Leah Libresco Sargeant is an American writer and journalist whose work focuses on religion, feminism, family policy, and social dependence. She is the author of Arriving at Amen (2017), Building the Benedict Option (2018), and The Dignity of Dependence: A Feminist Manifesto (2025).

Sargeant currently works as a senior policy analyst at the Niskanen Center, and previously as a reporter for FiveThirtyEight. She is also known for her independent online writing projects, including the Substack newsletter Other Feminisms.

== Early life and conversion to Catholicism ==
Sargeant was raised on Long Island, New York, in a nonreligious household and has described herself as an atheist during her adolescence and early adulthood. Her parents were academics involved in social justice causes; her mother was from a Jewish background and her father a Catholic background.

She attended Yale University, where she earned a Bachelor of Arts degree in political science in 2011. She then worked for the Center for Applied Rationality in California.

In 2012, while writing publicly as an atheist blogger, Libresco Sargeant converted to Roman Catholicism. She was received into the Catholic Church on November 18, 2012, a date she documented in a contemporaneous blog post.

== Arriving at Amen and Building the Benedict Option ==
Sargeant's first book, Arriving at Amen: Seven Catholic Prayers That Even I Can Offer (2017), explores traditional Catholic prayer practices through the perspective of an adult convert.

Her second book, Building the Benedict Option: A Guide to Gathering Two or Three Together in His Name (2018), provided practical guidance for forming small Christian communities and responding to social fragmentation. The book engaged with wider debates surrounding the "Benedict Option" concept in contemporary Christian discourse.

In 2019, Libresco Sargeant further addressed these themes in her essay "Fear and the Benedict Option", published by First Things.

== Continued online journalism and commentary ==
Sargeant has maintained a diverse writing career across journalism, nonprofit policy work, and independent publishing.

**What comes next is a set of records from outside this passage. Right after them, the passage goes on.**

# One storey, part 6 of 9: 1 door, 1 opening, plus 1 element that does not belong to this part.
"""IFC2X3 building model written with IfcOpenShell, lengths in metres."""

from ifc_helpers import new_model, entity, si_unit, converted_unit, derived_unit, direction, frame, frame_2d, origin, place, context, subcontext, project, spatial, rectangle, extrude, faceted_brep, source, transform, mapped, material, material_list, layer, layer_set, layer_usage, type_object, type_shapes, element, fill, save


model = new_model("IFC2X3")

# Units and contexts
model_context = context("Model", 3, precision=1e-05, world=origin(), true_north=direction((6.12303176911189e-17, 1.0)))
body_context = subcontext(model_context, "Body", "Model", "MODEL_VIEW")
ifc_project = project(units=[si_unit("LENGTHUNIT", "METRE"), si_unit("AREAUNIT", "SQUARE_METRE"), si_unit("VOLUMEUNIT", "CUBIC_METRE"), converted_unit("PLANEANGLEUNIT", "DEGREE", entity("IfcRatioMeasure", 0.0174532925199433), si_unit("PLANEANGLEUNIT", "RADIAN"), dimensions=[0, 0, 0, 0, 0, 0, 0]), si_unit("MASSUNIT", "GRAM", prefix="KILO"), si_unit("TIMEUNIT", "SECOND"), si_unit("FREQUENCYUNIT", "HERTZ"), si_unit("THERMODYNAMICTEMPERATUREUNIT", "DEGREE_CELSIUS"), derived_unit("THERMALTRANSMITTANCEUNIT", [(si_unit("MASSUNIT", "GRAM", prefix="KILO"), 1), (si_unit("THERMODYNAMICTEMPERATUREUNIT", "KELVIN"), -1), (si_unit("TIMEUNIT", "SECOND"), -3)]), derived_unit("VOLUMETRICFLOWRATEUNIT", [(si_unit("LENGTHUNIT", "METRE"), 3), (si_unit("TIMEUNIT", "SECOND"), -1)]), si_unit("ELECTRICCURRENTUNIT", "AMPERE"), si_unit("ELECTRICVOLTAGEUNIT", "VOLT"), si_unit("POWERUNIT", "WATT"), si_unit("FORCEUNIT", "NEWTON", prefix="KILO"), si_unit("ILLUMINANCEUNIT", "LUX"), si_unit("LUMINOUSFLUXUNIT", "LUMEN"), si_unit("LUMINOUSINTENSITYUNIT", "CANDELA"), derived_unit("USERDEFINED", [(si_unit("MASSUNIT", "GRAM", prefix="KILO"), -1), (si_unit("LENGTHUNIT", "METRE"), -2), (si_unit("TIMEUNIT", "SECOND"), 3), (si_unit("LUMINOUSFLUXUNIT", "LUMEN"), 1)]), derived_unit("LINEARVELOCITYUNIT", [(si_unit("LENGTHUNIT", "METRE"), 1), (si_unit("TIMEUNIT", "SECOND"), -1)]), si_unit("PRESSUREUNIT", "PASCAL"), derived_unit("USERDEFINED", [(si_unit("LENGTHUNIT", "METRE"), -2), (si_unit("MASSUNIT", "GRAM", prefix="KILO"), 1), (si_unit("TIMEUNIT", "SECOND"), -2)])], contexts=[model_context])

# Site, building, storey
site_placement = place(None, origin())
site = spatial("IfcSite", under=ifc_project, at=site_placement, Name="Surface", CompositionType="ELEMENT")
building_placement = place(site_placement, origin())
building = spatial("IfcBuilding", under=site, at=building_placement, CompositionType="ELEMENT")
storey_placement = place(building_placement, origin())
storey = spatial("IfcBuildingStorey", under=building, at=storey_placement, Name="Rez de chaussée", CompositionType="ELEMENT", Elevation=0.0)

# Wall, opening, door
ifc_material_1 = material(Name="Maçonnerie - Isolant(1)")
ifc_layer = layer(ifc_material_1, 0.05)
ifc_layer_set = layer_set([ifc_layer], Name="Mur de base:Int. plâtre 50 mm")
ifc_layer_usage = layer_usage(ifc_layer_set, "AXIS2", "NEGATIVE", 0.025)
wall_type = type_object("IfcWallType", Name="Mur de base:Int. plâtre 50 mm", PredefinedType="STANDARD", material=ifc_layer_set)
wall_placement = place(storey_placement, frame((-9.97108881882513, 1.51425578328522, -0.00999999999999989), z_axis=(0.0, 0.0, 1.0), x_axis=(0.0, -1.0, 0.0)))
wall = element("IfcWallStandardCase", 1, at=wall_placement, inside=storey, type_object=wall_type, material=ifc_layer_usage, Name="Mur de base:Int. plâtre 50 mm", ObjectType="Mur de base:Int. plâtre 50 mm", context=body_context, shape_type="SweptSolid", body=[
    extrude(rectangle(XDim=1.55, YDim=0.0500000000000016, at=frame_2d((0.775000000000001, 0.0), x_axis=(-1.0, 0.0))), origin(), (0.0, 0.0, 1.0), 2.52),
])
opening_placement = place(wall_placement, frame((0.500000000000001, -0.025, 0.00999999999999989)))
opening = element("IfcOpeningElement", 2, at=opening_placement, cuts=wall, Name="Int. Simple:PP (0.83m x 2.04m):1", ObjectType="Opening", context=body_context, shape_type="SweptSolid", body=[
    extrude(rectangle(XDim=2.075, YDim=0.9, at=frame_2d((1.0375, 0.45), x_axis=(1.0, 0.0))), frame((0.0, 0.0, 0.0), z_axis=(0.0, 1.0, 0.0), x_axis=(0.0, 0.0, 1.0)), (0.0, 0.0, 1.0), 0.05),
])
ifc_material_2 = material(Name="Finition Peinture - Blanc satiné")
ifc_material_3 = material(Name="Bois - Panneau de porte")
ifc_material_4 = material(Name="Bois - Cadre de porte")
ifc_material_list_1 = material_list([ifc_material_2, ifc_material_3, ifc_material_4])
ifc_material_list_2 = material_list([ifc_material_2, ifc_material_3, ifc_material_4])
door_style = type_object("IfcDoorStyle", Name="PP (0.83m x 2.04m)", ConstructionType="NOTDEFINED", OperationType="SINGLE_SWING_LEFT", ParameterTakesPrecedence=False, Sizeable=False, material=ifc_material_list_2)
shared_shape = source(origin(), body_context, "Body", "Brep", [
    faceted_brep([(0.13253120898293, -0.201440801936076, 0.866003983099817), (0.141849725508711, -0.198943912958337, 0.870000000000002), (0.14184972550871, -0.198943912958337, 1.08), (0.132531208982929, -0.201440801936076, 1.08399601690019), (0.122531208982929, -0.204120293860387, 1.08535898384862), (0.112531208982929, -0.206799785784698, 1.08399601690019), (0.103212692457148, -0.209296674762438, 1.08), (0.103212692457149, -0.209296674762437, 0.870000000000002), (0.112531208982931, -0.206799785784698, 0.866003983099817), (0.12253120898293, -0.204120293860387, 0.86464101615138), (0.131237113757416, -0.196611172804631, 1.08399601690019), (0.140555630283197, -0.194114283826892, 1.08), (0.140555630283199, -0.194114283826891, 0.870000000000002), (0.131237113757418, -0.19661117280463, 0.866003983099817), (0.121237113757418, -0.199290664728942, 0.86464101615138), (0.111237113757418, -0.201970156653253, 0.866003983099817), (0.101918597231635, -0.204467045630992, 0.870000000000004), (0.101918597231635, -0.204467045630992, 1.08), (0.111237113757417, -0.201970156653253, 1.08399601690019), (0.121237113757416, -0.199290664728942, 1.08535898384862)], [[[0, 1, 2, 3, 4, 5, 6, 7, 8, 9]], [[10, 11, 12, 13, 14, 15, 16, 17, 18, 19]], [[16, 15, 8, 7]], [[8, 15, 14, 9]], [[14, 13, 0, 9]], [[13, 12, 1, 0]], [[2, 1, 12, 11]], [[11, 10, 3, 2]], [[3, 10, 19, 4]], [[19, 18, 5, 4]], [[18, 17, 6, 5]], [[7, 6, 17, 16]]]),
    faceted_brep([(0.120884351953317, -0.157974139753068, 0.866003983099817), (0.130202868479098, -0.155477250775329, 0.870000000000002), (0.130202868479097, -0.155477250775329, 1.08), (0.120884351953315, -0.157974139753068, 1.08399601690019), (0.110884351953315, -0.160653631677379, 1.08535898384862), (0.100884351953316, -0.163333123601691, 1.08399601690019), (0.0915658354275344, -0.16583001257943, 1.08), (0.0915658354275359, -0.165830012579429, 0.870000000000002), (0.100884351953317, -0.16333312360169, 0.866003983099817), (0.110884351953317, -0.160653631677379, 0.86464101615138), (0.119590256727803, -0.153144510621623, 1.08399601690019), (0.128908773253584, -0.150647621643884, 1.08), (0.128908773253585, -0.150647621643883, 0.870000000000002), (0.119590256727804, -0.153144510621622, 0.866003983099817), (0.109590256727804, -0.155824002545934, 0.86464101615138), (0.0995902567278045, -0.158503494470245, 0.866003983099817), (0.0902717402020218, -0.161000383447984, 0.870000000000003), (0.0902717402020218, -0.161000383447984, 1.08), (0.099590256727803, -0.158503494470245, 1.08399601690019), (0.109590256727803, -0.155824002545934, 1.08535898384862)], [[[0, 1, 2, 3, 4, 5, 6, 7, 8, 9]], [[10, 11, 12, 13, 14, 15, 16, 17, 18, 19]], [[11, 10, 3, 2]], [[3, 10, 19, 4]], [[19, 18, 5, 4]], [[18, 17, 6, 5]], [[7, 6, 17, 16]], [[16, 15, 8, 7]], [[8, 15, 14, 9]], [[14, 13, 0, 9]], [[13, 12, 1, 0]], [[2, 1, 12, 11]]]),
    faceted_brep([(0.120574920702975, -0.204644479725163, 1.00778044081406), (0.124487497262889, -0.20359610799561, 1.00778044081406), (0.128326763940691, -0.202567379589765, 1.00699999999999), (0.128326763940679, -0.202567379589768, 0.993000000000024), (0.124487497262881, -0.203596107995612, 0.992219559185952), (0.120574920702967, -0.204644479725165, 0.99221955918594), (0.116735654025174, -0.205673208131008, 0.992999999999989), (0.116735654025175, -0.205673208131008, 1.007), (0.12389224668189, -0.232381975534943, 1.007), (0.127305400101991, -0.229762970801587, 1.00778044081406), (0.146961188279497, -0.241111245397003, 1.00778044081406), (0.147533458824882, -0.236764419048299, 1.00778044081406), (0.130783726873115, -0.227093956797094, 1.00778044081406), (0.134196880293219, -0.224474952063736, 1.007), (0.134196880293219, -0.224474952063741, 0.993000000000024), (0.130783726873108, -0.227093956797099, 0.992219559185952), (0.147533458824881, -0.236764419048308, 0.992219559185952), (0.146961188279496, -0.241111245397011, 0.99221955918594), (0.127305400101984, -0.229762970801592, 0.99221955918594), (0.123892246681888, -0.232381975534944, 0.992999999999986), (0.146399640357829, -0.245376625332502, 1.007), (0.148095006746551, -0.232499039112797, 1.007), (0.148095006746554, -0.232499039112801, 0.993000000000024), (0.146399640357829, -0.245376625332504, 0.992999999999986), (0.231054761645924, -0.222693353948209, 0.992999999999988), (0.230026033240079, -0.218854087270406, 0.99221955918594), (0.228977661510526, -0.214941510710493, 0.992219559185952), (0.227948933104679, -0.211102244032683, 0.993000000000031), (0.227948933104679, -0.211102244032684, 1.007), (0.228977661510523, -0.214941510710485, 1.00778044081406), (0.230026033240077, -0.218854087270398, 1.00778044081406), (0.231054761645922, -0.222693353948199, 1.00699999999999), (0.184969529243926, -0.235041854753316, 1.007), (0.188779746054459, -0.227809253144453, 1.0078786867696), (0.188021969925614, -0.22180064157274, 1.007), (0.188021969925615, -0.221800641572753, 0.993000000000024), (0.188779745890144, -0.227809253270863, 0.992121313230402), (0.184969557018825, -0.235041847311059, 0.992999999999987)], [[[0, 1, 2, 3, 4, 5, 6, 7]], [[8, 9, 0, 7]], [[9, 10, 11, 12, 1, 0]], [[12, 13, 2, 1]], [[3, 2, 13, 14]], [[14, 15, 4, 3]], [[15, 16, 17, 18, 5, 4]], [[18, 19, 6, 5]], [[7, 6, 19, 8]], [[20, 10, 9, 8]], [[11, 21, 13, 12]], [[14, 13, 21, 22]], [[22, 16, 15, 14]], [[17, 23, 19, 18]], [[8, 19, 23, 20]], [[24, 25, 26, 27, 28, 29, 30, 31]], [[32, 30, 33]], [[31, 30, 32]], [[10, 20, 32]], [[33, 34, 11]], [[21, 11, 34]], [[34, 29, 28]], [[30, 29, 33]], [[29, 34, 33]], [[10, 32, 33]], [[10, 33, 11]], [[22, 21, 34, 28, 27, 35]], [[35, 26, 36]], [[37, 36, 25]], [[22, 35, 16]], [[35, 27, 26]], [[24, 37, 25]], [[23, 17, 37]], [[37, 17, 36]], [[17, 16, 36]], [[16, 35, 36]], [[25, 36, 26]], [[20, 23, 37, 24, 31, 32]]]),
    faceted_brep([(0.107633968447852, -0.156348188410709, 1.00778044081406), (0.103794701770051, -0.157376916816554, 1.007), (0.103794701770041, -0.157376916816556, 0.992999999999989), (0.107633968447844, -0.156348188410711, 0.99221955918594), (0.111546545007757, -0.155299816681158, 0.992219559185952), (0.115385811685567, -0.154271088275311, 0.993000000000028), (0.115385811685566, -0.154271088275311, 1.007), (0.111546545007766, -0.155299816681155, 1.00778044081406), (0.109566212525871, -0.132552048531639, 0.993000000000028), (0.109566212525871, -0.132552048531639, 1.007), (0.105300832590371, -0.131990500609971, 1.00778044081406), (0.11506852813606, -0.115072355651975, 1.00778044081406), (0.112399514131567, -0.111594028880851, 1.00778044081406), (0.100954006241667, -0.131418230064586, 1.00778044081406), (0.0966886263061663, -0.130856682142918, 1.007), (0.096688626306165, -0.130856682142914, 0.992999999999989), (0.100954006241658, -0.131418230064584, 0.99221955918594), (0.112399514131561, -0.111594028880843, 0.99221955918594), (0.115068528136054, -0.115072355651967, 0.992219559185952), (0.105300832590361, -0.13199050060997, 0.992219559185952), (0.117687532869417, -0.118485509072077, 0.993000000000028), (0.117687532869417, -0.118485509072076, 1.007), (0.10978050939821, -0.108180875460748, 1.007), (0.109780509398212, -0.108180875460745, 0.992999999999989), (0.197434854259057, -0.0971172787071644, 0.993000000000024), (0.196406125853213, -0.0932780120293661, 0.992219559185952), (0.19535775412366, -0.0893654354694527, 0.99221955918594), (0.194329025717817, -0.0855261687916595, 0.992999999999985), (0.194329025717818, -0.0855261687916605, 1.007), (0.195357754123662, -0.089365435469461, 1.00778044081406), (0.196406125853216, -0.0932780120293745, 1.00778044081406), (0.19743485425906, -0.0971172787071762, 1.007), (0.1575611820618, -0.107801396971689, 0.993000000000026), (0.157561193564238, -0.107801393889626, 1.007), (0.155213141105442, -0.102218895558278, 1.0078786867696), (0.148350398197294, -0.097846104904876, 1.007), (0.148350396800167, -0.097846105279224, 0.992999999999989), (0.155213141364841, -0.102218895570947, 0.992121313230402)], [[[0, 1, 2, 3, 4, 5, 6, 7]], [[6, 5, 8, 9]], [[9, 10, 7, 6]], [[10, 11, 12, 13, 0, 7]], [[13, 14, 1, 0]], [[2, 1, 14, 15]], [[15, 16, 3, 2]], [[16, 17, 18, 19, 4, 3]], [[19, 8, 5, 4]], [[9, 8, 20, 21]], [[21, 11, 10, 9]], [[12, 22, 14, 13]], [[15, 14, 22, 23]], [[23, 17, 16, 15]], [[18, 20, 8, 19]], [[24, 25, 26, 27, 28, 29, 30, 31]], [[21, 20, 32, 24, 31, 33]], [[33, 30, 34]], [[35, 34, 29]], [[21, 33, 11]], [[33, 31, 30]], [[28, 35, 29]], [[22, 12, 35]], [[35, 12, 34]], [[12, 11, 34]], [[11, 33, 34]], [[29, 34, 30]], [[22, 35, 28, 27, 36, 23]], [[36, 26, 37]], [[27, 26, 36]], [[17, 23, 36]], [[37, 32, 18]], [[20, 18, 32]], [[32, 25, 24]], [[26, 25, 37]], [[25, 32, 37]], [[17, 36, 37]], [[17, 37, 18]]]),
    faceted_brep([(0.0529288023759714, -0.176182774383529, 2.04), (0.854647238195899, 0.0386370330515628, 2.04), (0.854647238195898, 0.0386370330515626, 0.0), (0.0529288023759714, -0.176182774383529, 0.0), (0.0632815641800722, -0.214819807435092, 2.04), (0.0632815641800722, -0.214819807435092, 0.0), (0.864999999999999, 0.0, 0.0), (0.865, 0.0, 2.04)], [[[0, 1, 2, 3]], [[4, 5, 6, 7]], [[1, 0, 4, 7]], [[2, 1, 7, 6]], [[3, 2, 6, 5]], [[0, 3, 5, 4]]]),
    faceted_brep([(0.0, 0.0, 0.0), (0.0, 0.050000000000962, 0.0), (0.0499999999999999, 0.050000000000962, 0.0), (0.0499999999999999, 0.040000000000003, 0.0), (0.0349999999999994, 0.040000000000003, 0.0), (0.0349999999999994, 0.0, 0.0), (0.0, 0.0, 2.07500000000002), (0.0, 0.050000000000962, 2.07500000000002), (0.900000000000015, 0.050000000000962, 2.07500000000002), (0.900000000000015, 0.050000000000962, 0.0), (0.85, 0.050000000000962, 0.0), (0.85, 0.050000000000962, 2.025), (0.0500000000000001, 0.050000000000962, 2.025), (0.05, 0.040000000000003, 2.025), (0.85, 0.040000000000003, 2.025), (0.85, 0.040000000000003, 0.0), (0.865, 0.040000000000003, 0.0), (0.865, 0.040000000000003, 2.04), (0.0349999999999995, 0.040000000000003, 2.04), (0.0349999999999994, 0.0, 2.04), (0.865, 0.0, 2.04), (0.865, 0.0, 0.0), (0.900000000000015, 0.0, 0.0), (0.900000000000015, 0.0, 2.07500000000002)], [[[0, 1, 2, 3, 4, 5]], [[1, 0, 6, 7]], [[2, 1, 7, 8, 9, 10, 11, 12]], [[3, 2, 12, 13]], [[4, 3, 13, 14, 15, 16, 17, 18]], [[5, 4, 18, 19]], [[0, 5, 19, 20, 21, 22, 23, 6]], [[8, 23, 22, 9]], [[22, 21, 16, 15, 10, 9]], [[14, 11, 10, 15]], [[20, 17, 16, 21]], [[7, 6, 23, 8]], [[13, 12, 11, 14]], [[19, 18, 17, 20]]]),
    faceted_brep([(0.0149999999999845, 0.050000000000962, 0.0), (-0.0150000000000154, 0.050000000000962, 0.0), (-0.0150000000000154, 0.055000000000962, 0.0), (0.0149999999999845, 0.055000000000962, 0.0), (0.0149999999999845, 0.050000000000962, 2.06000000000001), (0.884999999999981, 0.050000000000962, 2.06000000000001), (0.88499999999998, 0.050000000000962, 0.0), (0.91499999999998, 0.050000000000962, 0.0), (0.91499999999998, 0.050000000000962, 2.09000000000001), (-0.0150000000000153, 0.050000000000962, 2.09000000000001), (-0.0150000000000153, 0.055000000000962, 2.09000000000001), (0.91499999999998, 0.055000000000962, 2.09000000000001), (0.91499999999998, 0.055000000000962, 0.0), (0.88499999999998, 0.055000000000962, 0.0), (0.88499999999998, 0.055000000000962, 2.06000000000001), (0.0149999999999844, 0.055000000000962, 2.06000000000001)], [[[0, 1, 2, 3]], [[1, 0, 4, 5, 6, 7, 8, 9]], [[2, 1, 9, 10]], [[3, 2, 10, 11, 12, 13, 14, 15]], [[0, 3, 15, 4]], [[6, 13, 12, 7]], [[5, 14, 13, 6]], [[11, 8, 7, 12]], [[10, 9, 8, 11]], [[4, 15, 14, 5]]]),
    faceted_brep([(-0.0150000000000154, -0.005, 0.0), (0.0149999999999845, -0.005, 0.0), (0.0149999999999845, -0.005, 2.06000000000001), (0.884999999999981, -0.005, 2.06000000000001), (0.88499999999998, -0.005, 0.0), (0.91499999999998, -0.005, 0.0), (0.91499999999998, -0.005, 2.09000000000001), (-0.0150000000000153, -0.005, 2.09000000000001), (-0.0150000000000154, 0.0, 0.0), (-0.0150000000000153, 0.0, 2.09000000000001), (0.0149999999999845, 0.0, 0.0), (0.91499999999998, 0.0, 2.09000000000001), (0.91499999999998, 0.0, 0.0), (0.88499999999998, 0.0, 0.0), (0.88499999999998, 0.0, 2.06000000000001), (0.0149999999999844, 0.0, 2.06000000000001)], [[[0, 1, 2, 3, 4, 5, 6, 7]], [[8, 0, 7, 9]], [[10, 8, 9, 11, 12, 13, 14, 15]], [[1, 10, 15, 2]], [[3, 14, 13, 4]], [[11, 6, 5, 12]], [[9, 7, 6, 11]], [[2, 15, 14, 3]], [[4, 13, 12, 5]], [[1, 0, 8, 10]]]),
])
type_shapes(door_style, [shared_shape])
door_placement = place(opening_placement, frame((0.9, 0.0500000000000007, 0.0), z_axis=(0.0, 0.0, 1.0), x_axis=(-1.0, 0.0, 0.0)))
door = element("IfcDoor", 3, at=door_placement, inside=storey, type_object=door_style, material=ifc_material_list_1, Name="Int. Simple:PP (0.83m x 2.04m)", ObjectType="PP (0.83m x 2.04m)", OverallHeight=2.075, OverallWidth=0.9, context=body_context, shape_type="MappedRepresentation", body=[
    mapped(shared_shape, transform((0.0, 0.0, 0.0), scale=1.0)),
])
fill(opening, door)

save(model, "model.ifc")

FiveThirtyEight lists her as a former news writer for the site, and the Niskanen Center credits her work with a focus on family economic security and caregiving policy.

She publishes the Substack newsletter Other Feminisms, which examines feminist theory, dependency, and care from a perspective critical of autonomy-centered frameworks. She also runs Tiny Book Club, a Substack-based reading project centered on short works and essays.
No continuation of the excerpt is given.